→ **Supplied data**:

--------

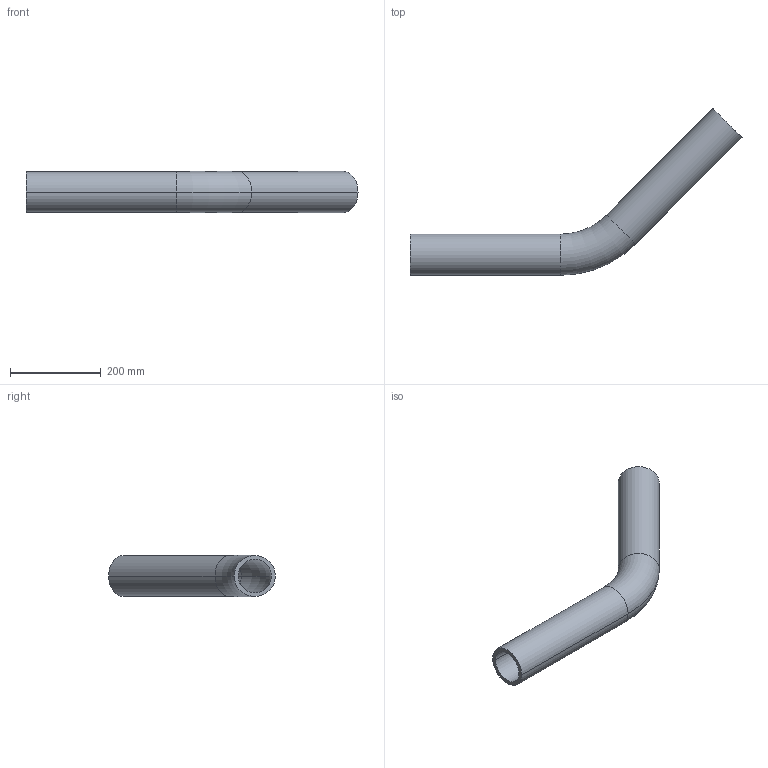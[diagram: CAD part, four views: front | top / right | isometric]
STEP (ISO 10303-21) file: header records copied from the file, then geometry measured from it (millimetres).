
FILE_DESCRIPTION (( 'STEP AP214' ), '1' );
FILE_NAME ('KP_4-90FC.step', '2012-12-14T12:57:05', ( '' ), ( '' ), 'SwSTEP 2.0', 'SolidWorks 2012', '' );
FILE_SCHEMA (( 'AUTOMOTIVE_DESIGN' ));
Length unit declared in the file: millimetre
Products named in the file (1): KP_4-90FC
Bounding box: 730.17 x 366.37 x 90.4 mm (x, y, z)
Volume: 1794500.2 mm3; surface area: 420547.6 mm2
Topology: 1 solids, 1 shells, 14 faces, 28 edges, 16 vertices
Faces by surface type: cylinder 8, torus 4, plane 2
Entity records: 406 total; most frequent: DIRECTION 78, CARTESIAN_POINT 59, ORIENTED_EDGE 56, AXIS2_PLACEMENT_3D 35, EDGE_CURVE 28, CIRCLE 20, VERTEX_POINT 16, EDGE_LOOP 16

--------

→ **Your objective**: Restate, without alteration, the lines of the material above that begin at the one containing "STEP (ISO 10303-21)" and run through its last line.

→ **Answer space**:
STEP (ISO 10303-21) file: header records copied from the file, then geometry measured from it (millimetres).
FILE_DESCRIPTION (( 'STEP AP214' ), '1' );
FILE_NAME ('KP_4-90FC.step', '2012-12-14T12:57:05', ( '' ), ( '' ), 'SwSTEP 2.0', 'SolidWorks 2012', '' );
FILE_SCHEMA (( 'AUTOMOTIVE_DESIGN' ));
Length unit declared in the file: millimetre
Products named in the file (1): KP_4-90FC
Bounding box: 730.17 x 366.37 x 90.4 mm (x, y, z)
Volume: 1794500.2 mm3; surface area: 420547.6 mm2
Topology: 1 solids, 1 shells, 14 faces, 28 edges, 16 vertices
Faces by surface type: cylinder 8, torus 4, plane 2
Entity records: 406 total; most frequent: DIRECTION 78, CARTESIAN_POINT 59, ORIENTED_EDGE 56, AXIS2_PLACEMENT_3D 35, EDGE_CURVE 28, CIRCLE 20, VERTEX_POINT 16, EDGE_LOOP 16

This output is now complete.